Nicht zuletzt ist der Treiber eine mögliche Quelle für Unterschiede. Dieser steuert die Integrationszeit mit der das Messgerät die Signale verarbeitet. Eine Erhöhung der Integrationszeit verringert den (vor allem rauschbedingten) Fehler, erhöht aber die Dauer einer Messung und verringert zudem die Lebensdauer der Lichtquelle. Je nach verwendeter Software oder Firmware des Messgeräts kann der das schon zu deutlichen Unterschieden führen.
Die eigene Überprüfung des Messgerätes (ohne Diagnosetool) scheitert in der Praxis hauptsächlich an den zur Verfügung stehenden Testmaterialien. "Normales" (Proof-)Papier und "normale" Druckfarben/Inkjetfarben lassen sich unter "normalen" Bedingungen nicht in der geforderten Güte herstellen um Messgeräteabweichungen zuverlässig zu detektieren und zu quantifizieren. Zudem sind diese Materialien höchst anfällig für Beschädigungen während einer einzigen Messung, somit werden Wiederholungsmessungen fast zwangsläufig sinnlos. Mit unterschiedlich farbigen Keramikacheln (BCRA/CERAM) existieren zwar hochqualitative Standards, aber die kosten viel mehr als ein Messgerät in den Service zu schicken - zudem ist ihre Farbwiedergabe stark temperaturabhängig, schon bei Änderung der Temperatur um wenige Grad Celsius. D.h. man muss unter klimatisierten Bedingungen messen, was in der Praxis nur mit hohem Aufwand möglich ist.
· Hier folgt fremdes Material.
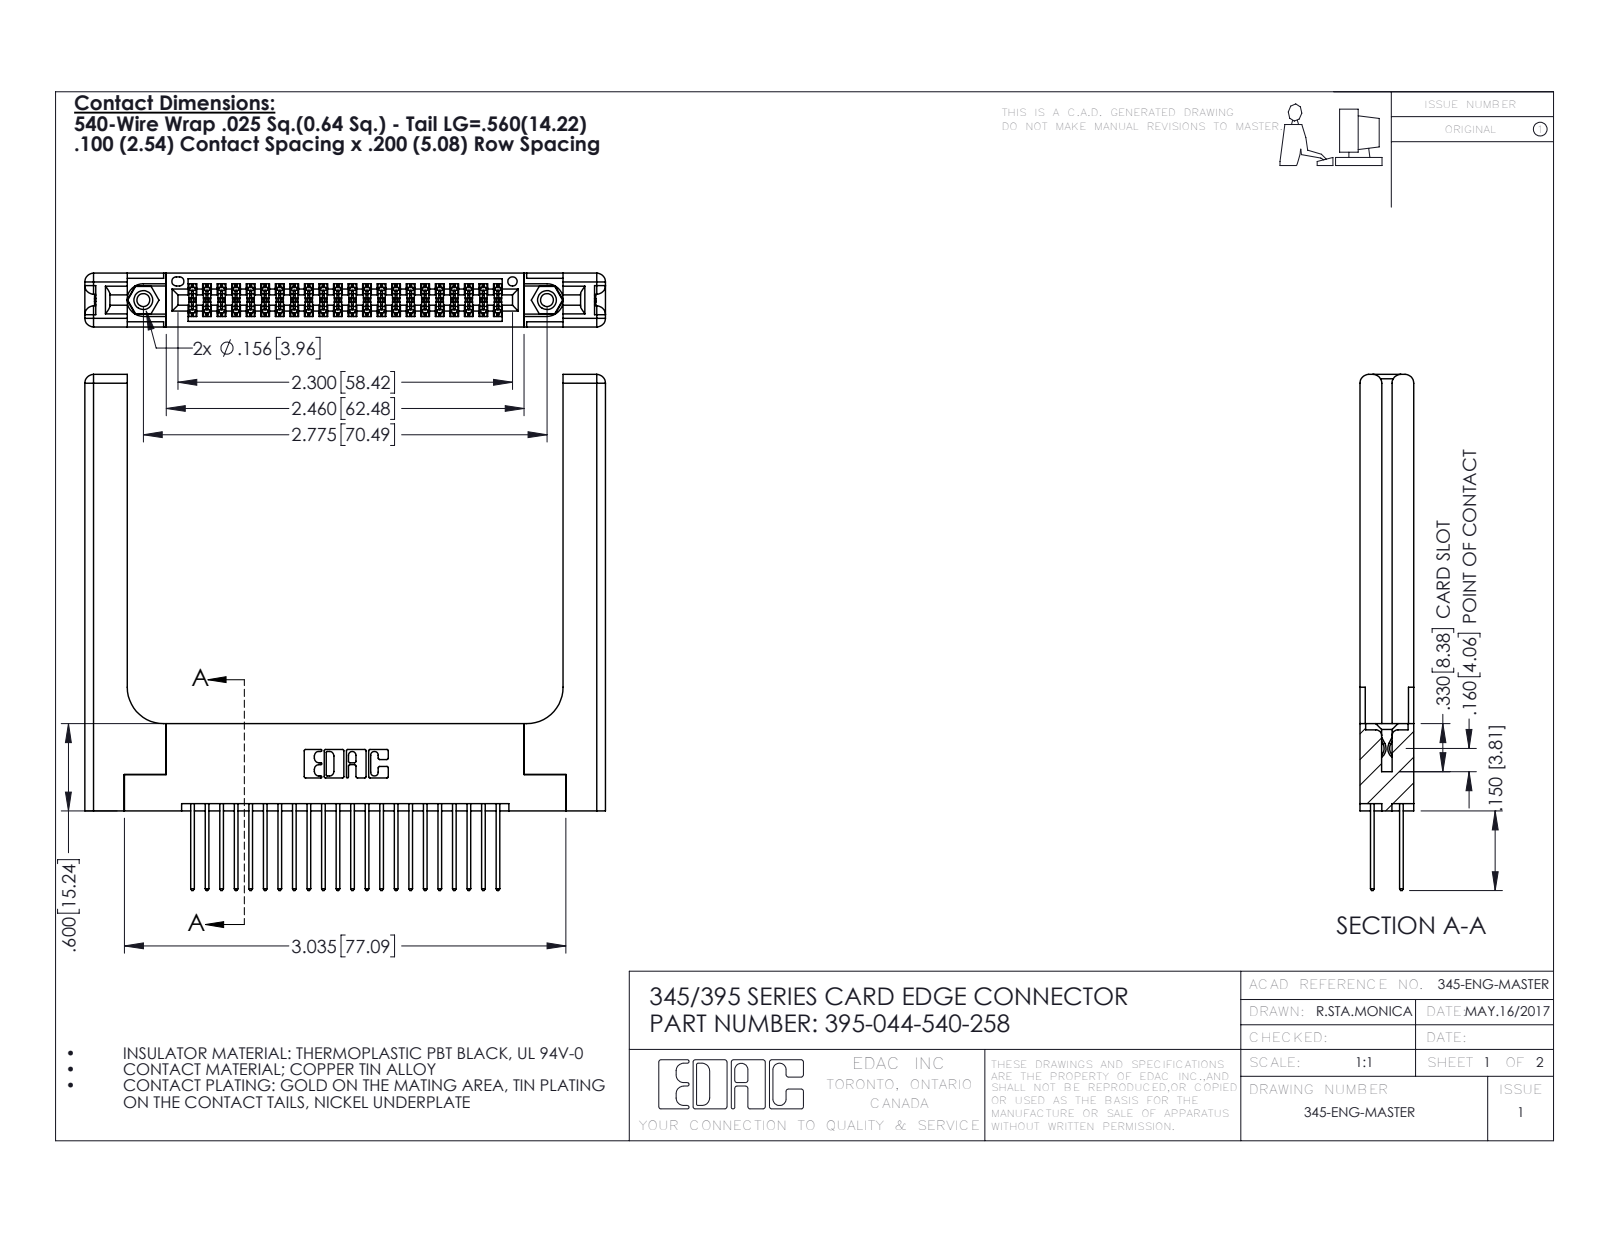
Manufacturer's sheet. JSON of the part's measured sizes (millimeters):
{"part_name": "345 Part_Flush Mounting Lugs - 0.156 Dia-TH; 345-220-058_345-220-058; 345-292-001_345-293-140; 395-044-540-258 (+1 more)", "step_written_by": "SolidWorks 2016 (CONFIG_CONTROL_DESIGN)", "units": "millimeters", "bodies": {"solids": 49, "faces": 2582, "planar": 1680, "cylindrical": 842, "other": 60}, "overall_size": [90.9, 90.1, 9.4], "volume_mm3": 17290, "surface_area_mm2": 18470, "round_holes": [[2.3, 2], [3.2, 2], [4, 2], [1.6, 1]], "round_bosses_or_shafts": [[3.9, 2]], "partial_cylinders_radius": [[0.2, 66], [0.3, 44], [0.3, 22], [1.5, 16], [0.2, 6], [0.8, 6], [0.7, 3], [0.4, 2]], "face_to_face_distances": [1.8, 9.4, 7.6, 5.1, 2.5, 6.9, 0.6, 5.7, 3.8, 3.8], "hole_center_spacings": [6.9, 64.5, 70.5]}
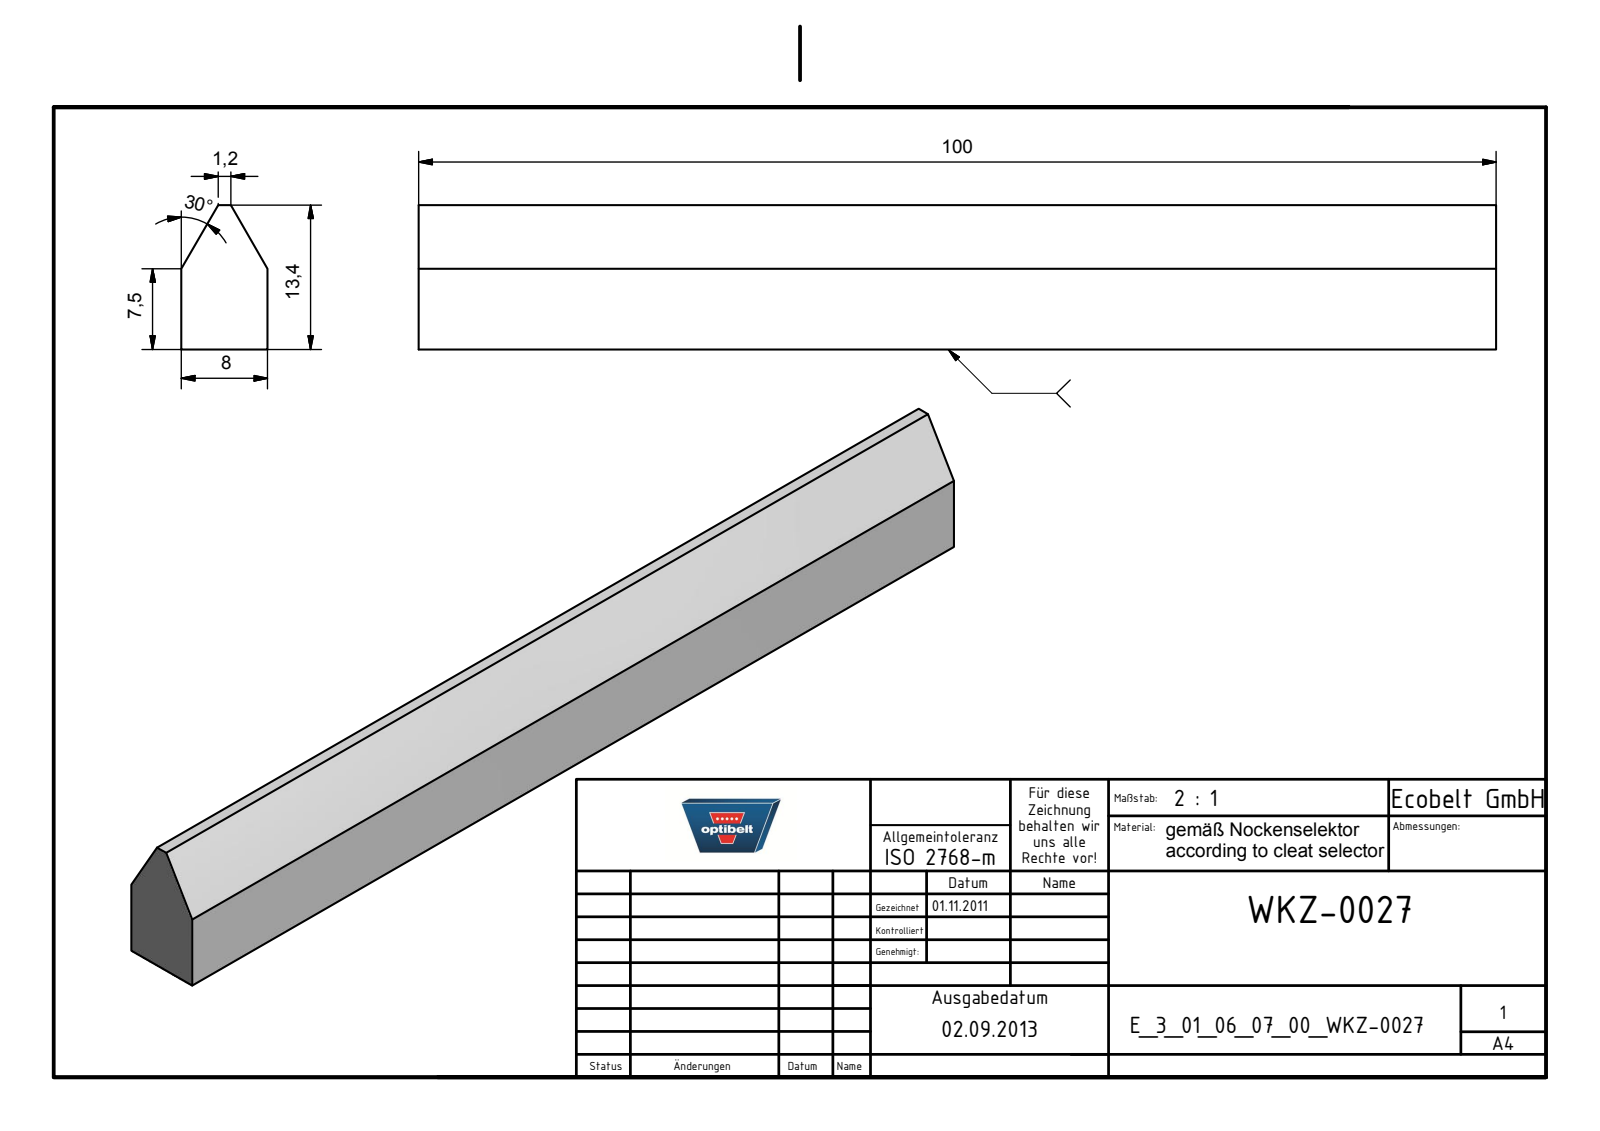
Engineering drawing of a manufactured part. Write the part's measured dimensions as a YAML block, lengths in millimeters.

Ansonsten ist der Weg von Loethelm, Wiederholungsmessungen auf der Weißkachel durchzuführen, sicher ein guter Anhaltspunkt. Ich würde hierzu bevorzugt Spektraldaten, XYZ- oder die CIELAB-Werte zur Auswertung heranziehen. Die Abweichung kann dann entweder als Streuung um den Mittelwert der einzelnen Komponenten (je Messintervall; je X,Y oder Z; je L*, a* oder b*) bestimmt werden oder natürlich auch als Gesamtfarbabstand. Falls letzterer als Maß der Abweichung herhalten soll, dann würde ich die klassische CIELAB-Formel von 1976 verwenden und hinsichtlich des Mittelwerts und der Streuung auswerten.
Andere Gesamtfarbabstandsformeln (auf Basis von CIELAB), die stärker auf die visuelle Wahrnehmung eingehen, sind für diesen Zweck nicht zu empfehlen, da ihre Ergebnisse von den Farbörtern der Probe und der Referenz abhängig sind. Somit können Abweichungen, die das Messgerät im CIELAB-Farbraum aufweist, ungewollt kaschiert werden.
Letztlich muss man die Entscheidung, ein vermeintlich defektes Messgerät in den Service zu schicken oder nicht, von dem Einsatzzweck abhängig machen. Eine einzige Reklamation kann die Kosten der Wartung schon um ein Vielfaches übersteigen.